Understanding Backpropagation

Apr 2023

I’ve been working my way through Andrej Karpathy’s spelled-out intro to backpropagation, and this post is my recap of how backpropagation works. I’ll do the derivations manually first, and then write them out in code after.

1. Computational Graph

First, let’s look at a computation graph that represents the expression we’ll be looking at in this post (click on the image to see a larger version).

backprop1

This can be represented by the following expressions:

$x1w1=x1*w1$

$x2w2=x2*w2$

$x1w1x2w2=x1w1+x2w2$

$n=x1w1x2w2+b$

$o=\tanh(n)$

where

$x1=2, x2=0, w1=-3, w2=1, b=6.88$

Now that we have our expression, we’re going to do backpropagation manually.

2. Backpropagation manually

We will be calculating the gradients for each node in our computation graph with respect to o. Intuitively, this means, if we slightly change one of our inputs, how would that affect the output?

First, what is the derivative of o with respect to o? That’s simply 1.

$\frac{\partial o}{\partial o}=1$

Next, what is the derivative of n with respect to o? This is the derivative of the tanh function. There are a few different ways to do this, this is one way to do it.

$\frac{\partial o}{\partial n}=1-\tanh(o)^2=1-0.707^2=0.5$

Next, what is the derivative of x1w1x2w2 with respect to o? Because this expression is addition (+), you can think of addition operators as passing on the derivatives from the later expression. The above expression was calcualted as 0.5, so the derivative of x1w1x2w2 and b will both be 0.5.

$\frac{\partial o}{\partial x1w1x2w2}=0.5$

$\frac{\partial o}{\partial b}=0.5$

What about the derivatives for x1w1 and x2w2? Again, these are addition operations, so they are taking on the derivative from the downstream operation, 0.5.

$\frac{\partial o}{\partial x2w2}=0.5$

$\frac{\partial o}{\partial x1w1}=0.5$

Finally, we reach our inputs. The derivative of w2 with respect to o requires the chain rule. I found this intuitive explanation to be helpful in understanding what’s happening here:

As put by George F. Simmons: “if a car travels twice as fast as a bicycle and the bicycle is four times as fast as a walking man, then the car travels 2 × 4 = 8 times as fast as the man.

The essence of the chain rule is multiplying the derivatives of two or more differentiable functions. Back to our example, for w2, we need to multiply:

derivative of x2w2 with respect to o
derivative of w2 with respect to x2w2 (which is x2)

$\frac{\partial o}{\partial w2}=\frac{\partial o}{\partial x2w2}*\frac{\partial x2w2}{\partial w2}=0.5*0=0$

The same logic applies to x2. To get the derivative of x2 with respect to o, we are multiplying:

derivative of x2w2 with respect to o
derivative of x2 with respect to x2w2 (which is w2)
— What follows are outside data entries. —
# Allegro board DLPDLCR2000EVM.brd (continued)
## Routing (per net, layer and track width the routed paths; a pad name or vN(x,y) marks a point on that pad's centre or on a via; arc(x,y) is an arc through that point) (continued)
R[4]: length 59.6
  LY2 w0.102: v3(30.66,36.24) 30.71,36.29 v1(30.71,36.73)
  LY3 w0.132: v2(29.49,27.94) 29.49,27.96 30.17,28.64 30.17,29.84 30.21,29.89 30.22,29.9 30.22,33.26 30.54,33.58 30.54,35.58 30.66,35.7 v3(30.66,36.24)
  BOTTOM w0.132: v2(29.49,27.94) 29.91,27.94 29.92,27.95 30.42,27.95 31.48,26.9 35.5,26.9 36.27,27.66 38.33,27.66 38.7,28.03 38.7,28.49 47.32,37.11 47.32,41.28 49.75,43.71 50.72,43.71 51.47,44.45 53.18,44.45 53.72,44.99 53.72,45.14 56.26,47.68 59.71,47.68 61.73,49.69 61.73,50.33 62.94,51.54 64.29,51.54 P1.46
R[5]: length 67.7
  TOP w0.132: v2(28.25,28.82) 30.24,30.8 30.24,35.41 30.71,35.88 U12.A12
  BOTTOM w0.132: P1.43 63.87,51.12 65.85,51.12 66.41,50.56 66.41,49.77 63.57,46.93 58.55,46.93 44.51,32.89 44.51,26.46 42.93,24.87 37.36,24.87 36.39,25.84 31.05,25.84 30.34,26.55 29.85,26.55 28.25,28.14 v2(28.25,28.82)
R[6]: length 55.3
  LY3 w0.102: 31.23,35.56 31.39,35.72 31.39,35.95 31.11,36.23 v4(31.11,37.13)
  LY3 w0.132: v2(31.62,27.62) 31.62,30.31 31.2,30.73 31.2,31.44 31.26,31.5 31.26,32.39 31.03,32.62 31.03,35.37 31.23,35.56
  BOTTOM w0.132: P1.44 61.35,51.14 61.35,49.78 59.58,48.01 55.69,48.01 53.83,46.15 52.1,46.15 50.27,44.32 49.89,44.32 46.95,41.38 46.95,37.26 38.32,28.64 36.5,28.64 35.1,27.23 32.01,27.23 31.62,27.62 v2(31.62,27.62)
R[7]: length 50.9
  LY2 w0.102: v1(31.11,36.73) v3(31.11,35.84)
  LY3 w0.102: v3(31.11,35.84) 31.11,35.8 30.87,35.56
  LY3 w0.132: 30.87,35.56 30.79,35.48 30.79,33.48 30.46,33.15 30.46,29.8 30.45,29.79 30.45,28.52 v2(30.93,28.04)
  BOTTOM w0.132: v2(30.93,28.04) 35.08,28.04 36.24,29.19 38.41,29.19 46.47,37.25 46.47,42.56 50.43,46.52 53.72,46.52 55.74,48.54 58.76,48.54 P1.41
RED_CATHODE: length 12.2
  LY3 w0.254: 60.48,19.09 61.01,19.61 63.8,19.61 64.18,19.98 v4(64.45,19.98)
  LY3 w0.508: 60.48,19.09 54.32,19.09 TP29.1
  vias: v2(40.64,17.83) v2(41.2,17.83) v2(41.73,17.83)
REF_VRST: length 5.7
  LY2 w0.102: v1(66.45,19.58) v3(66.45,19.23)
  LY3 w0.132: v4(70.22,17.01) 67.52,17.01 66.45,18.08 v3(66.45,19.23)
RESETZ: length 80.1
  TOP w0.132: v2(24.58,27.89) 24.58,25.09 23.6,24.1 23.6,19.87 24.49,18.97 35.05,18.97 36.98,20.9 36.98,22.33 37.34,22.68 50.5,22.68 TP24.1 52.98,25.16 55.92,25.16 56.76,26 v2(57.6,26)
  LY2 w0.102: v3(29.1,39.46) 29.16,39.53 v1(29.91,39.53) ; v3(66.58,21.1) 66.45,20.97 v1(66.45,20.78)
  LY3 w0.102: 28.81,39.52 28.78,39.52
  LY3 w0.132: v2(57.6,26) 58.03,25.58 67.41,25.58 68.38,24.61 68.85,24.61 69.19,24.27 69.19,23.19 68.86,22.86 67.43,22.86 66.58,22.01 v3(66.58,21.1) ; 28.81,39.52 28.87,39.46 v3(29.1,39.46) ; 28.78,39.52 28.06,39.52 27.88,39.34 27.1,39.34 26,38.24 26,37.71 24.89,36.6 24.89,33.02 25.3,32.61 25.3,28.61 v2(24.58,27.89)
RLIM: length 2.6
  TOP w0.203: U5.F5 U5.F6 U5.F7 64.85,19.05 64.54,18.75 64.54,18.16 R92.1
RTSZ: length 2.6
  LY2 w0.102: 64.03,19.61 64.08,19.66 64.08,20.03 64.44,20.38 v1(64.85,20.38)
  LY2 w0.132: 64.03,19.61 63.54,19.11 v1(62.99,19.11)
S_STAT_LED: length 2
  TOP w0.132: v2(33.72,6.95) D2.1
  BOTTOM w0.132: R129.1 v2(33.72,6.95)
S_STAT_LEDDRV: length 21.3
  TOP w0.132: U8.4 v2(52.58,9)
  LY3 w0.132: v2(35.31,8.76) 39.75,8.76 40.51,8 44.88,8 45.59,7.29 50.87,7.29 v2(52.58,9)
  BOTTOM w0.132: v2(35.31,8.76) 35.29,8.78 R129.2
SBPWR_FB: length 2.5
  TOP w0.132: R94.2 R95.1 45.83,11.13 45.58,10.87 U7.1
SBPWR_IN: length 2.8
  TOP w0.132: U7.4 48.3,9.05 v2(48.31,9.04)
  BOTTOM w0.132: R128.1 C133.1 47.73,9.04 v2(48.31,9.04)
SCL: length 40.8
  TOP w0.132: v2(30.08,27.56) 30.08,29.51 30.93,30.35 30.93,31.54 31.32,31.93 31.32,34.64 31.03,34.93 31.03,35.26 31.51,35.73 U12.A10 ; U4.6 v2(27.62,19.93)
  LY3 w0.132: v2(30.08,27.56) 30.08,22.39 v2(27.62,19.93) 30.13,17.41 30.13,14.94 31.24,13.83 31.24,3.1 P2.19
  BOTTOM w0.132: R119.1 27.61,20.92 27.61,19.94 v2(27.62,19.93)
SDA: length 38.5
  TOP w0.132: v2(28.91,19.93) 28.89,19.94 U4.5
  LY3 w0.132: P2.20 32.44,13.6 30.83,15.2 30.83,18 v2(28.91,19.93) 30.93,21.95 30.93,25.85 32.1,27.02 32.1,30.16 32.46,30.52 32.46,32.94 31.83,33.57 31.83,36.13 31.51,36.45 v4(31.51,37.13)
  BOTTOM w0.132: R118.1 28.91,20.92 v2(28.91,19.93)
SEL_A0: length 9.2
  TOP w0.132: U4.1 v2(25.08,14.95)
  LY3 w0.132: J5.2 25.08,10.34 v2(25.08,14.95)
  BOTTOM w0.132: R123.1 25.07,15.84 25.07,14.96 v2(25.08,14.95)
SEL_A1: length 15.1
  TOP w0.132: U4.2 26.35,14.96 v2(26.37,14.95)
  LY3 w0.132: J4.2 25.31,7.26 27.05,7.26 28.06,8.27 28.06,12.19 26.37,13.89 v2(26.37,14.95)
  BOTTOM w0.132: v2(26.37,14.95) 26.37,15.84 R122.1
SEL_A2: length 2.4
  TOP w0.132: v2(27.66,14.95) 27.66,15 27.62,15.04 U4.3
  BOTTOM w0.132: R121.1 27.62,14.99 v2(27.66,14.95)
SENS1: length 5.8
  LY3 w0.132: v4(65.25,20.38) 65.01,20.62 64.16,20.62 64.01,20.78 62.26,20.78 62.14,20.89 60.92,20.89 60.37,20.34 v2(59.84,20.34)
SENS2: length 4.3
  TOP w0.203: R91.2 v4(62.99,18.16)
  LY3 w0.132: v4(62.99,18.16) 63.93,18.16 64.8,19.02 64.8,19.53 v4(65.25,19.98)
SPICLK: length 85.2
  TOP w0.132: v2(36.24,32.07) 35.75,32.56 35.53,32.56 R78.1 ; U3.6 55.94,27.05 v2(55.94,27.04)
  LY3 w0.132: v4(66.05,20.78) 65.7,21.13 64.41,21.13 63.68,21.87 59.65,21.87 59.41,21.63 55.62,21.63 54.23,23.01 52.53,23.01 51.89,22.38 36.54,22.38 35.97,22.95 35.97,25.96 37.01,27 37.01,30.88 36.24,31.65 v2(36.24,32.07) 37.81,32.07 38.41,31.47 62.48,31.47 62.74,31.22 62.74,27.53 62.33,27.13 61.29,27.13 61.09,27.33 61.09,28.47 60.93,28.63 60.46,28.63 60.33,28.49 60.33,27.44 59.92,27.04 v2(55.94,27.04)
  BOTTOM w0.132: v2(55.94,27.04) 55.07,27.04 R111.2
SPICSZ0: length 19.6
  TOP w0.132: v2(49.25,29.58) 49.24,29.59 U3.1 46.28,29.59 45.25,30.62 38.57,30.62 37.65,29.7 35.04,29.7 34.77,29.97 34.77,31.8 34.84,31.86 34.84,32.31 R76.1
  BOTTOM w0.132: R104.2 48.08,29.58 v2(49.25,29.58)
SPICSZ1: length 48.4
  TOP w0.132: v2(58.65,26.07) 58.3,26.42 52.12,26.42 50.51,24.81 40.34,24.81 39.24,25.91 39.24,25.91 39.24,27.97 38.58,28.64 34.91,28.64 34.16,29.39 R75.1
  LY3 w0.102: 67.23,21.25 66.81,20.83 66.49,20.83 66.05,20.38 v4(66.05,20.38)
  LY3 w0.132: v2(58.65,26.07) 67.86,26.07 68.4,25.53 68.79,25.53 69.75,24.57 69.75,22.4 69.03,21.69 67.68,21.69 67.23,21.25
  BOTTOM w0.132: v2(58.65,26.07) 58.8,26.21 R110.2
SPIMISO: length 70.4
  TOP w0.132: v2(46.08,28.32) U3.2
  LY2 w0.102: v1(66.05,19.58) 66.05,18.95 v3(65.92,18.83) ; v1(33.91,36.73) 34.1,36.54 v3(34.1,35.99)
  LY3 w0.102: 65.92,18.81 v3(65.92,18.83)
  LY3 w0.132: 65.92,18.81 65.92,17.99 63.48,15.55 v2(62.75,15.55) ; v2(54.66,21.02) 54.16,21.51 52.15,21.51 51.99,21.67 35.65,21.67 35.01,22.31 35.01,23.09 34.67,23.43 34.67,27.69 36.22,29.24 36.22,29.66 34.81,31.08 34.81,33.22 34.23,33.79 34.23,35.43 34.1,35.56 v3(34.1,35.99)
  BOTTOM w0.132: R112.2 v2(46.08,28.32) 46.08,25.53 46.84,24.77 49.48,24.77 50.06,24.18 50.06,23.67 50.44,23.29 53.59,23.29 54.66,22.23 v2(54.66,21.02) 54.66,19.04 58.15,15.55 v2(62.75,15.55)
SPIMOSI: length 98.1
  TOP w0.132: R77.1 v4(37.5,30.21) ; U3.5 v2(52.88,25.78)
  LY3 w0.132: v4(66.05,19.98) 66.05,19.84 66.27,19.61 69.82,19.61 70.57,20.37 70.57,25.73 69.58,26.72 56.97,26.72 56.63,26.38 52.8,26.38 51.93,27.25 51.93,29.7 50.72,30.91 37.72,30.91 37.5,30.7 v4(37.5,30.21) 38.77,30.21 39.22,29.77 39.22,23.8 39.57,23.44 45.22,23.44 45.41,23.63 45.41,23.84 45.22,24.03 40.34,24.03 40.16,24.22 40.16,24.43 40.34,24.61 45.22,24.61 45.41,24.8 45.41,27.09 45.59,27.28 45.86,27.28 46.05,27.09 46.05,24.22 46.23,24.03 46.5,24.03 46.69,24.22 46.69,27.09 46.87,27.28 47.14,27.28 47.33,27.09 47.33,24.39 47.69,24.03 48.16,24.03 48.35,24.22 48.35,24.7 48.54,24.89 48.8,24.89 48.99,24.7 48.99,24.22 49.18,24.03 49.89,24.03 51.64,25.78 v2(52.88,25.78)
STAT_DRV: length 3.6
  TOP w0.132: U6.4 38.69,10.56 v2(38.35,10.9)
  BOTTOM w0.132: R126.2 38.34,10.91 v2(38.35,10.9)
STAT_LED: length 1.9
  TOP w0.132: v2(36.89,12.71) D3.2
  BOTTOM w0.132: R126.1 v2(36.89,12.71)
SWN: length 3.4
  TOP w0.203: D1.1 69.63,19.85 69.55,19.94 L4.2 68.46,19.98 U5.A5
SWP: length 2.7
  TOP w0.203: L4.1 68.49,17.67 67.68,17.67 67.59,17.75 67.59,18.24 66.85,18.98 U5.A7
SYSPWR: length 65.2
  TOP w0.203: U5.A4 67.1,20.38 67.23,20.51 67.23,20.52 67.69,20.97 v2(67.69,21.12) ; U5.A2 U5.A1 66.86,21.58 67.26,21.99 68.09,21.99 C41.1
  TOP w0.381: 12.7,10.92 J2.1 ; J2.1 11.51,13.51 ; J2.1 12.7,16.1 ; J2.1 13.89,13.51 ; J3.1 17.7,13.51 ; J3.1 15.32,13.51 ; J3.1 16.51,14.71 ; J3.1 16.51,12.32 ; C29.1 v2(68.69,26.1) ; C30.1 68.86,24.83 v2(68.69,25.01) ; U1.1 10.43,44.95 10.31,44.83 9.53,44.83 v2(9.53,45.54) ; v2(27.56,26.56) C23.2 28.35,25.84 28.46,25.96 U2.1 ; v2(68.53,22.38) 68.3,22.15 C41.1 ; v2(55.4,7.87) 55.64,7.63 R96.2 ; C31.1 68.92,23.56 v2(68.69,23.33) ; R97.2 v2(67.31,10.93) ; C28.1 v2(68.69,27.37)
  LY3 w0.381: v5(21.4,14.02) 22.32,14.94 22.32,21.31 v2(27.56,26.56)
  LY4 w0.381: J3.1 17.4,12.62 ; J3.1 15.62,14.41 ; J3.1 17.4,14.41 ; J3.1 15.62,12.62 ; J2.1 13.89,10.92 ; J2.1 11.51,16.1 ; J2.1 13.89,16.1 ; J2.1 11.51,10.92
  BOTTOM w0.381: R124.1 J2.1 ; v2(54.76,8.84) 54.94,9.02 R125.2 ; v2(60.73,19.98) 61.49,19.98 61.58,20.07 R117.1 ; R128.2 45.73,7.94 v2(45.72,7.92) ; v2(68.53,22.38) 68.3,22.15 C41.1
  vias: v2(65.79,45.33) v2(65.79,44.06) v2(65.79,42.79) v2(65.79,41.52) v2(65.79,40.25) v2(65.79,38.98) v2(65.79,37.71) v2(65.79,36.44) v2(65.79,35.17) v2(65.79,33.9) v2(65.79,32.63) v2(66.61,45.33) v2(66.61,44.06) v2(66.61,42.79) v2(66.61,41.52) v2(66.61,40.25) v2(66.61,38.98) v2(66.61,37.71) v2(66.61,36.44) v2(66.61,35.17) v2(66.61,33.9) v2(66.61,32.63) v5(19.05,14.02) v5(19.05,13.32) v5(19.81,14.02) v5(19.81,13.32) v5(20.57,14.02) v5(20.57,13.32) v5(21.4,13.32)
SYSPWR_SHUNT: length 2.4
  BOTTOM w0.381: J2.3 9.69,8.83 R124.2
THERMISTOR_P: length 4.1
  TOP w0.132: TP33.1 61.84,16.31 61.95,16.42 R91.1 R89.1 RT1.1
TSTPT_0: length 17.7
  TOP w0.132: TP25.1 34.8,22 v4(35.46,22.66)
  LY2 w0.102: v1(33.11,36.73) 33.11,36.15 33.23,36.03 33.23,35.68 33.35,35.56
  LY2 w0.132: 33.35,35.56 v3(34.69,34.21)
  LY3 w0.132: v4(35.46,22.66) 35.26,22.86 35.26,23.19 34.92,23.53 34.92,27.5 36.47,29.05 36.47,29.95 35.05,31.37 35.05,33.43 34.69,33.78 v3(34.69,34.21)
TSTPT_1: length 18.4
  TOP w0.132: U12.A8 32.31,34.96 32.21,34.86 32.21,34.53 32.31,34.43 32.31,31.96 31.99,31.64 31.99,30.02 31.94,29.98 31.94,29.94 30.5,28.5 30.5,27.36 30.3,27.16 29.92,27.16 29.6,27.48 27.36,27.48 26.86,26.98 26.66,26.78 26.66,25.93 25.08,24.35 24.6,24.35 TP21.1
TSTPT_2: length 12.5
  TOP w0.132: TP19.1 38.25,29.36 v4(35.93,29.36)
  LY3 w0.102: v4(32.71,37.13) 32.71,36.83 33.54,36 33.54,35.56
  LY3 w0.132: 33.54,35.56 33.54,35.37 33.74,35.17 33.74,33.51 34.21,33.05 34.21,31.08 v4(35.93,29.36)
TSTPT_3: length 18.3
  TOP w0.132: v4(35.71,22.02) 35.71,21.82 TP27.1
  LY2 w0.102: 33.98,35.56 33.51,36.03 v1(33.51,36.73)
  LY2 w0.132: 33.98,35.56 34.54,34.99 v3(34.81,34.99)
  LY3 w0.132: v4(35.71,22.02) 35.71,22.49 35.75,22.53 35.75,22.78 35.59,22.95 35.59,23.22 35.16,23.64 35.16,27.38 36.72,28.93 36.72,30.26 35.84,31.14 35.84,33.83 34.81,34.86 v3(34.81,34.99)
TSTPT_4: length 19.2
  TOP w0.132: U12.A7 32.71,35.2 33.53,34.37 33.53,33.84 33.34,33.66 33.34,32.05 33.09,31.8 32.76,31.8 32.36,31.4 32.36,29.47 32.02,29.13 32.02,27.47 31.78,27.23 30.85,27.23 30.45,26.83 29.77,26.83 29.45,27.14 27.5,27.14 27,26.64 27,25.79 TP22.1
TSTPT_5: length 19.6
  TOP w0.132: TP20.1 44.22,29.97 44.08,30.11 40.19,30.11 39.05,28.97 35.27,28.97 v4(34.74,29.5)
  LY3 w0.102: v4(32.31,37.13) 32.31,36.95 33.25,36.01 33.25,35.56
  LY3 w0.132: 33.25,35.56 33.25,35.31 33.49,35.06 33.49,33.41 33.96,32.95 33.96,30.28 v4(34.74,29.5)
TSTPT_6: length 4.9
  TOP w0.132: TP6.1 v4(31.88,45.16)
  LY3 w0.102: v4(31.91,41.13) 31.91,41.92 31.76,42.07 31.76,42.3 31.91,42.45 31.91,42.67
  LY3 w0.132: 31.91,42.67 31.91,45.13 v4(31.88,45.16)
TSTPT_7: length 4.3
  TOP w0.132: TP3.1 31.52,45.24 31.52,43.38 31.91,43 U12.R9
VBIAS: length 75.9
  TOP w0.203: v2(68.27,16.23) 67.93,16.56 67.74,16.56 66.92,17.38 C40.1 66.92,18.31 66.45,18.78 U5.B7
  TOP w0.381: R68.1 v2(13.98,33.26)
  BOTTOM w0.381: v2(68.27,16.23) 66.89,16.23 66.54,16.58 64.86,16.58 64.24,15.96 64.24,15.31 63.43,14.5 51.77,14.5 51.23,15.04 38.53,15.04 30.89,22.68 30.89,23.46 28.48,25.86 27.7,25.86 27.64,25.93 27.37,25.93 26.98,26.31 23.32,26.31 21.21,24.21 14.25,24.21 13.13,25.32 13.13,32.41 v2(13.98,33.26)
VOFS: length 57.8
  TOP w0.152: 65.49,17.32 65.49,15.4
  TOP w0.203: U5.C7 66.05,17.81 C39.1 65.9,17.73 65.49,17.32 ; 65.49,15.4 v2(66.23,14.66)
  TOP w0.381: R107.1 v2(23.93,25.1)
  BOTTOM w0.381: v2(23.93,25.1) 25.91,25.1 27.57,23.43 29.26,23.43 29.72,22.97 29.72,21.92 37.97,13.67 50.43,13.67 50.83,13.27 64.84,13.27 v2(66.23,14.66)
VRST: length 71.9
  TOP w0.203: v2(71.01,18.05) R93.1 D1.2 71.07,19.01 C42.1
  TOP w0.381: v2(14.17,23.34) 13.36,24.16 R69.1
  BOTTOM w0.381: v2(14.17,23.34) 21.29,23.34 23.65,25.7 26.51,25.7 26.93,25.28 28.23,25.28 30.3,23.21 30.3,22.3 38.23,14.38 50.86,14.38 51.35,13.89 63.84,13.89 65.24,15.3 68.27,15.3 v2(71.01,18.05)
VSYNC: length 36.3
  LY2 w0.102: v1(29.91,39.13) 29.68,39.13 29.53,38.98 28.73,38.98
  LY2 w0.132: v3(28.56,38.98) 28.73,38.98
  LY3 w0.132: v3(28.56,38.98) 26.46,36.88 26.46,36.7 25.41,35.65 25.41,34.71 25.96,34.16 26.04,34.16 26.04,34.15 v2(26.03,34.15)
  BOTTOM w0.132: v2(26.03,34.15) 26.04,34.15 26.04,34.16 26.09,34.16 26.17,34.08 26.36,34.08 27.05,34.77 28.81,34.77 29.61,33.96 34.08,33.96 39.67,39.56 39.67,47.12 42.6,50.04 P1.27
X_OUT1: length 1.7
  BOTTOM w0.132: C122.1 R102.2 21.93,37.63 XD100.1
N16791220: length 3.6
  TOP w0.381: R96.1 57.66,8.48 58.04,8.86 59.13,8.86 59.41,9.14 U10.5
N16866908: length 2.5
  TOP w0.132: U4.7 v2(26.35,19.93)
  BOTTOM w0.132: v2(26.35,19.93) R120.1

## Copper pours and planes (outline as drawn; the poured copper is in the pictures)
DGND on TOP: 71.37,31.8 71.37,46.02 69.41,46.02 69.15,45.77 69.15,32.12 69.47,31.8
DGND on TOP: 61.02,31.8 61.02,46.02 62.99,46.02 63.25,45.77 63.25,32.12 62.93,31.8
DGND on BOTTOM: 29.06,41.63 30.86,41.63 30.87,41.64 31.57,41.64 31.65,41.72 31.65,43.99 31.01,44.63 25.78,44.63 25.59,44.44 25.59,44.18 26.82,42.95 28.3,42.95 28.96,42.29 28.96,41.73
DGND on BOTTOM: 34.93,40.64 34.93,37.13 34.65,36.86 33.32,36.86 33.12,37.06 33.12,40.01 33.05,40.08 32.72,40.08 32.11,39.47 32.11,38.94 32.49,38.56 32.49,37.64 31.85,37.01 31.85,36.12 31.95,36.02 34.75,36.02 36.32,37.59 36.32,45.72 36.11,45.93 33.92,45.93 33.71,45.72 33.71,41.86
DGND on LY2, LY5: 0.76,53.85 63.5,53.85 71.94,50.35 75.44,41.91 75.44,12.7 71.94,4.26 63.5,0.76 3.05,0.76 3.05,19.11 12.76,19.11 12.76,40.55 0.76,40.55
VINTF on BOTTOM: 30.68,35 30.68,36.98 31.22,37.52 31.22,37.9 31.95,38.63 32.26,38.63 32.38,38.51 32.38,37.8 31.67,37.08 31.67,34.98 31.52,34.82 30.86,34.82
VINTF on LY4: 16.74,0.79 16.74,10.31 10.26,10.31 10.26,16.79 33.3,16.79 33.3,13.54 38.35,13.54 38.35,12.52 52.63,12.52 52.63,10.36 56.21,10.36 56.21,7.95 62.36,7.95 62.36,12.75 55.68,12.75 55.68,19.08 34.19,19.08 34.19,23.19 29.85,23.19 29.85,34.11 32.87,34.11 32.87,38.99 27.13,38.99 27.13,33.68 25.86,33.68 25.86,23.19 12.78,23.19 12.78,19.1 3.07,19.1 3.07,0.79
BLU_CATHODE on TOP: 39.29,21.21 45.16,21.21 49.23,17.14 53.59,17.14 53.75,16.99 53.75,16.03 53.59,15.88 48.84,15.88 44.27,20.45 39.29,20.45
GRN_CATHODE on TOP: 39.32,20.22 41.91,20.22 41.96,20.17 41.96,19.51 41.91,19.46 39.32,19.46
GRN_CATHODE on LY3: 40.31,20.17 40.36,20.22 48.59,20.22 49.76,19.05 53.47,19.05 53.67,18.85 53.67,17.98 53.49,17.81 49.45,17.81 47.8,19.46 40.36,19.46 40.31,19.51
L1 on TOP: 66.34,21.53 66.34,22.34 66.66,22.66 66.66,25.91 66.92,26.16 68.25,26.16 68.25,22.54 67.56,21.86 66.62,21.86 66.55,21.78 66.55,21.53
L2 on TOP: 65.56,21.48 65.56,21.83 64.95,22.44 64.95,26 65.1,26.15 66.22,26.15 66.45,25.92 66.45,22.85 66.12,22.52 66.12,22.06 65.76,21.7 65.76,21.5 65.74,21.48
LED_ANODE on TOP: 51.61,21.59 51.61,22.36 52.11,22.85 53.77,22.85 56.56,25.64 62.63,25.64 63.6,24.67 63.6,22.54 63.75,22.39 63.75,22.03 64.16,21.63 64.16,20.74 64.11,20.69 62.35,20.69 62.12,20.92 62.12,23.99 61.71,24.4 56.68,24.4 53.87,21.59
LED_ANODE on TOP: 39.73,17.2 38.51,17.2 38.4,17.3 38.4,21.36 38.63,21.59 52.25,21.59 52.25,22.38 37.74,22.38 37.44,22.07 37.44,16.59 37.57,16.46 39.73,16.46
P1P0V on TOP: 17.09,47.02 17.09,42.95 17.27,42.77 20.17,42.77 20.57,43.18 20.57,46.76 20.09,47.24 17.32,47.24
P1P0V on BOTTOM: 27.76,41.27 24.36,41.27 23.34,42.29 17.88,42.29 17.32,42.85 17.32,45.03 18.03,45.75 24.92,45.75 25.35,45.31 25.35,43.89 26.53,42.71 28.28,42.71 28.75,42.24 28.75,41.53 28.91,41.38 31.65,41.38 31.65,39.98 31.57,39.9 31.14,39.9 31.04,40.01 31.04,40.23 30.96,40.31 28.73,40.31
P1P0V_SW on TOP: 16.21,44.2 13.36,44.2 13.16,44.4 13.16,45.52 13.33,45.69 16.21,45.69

$\frac{\partial o}{\partial x2}=\frac{\partial o}{\partial x2w2}*\frac{\partial x2w2}{\partial x2}=0.5*1=0.5$

For the derivative of x1 with respect to o, we’re multiplying:

derivative of x1w1 with respect to o
derivative of x1 with respect to x1w1 (which is w1)

$\frac{\partial o}{\partial x1}=\frac{\partial o}{\partial x1w1}*\frac{\partial x1w1}{\partial x1}=0.5*-3=-1.5$

Finally, to get the derivative of w1 with respect to o, we need to multiply:

derivative of x1w1 with respect to o
derivative of w1 with respect to x1w1 (which is x1)

$\frac{\partial o}{\partial w1}=\frac{\partial o}{\partial x1w1}*\frac{\partial x1w1}{\partial w1}=0.5*2=1.0$

With all the derivatives in place, we can update our computation graph with the gradients for each node (click on the image to see a larger version).

backprop2

3. Backpropagation in code

Next, we’ll do the same thing but in code.

Here is our we’re going to initialize our

inputs
weights
bias
and final expression

You can see that we’re initializing values using a Value class. This class is going to hold all of our logic.

# inputs x1,x2
x1 = Value(2.0, label='x1')
x2 = Value(0.0, label='x2')

# weights w1,w2
w1 = Value(-3.0, label='w1')
w2 = Value(1.0, label='w2')

# bias of the neuron
b = Value(6.8813735870195432, label='b')

# x1*w1 + x2*w2 + b
x1w1 = x1*w1; x1w1.label = 'x1*w1'
x2w2 = x2*w2; x2w2.label = 'x2*w2'
x1w1x2w2 = x1w1 + x2w2; x1w1x2w2.label = 'x1*w1 + x2*w2'

n = x1w1x2w2 + b; n.label = 'n'

# output
o = n.tanh(); o.label = 'o'

All the code below will be part of the Value class. First off, we’re going to initialize the class. It will take in 4 params:

data: the raw value
children: the nodes that are left of the current node in the above computational graph
op: mathematical operation
label: what we see when we print it out

class Value:
  # ...
  def __init__(self, data, _children=(), _op='', label=''):
    self.data = data
    self.grad = 0.0
    self._backward = lambda: None
    self._prev = set(_children)
    self._op = _op
    self.label = label

  def __repr__(self):
    return f"Value(data={self.data})"

The above code will let us set values like: x1 = Value(2.0, label='x1'). Now that we are able to set our values for each node, we want to be able to calculate the gradient for each node. This time, instead of writing the code for each node, we will write the code for each operation.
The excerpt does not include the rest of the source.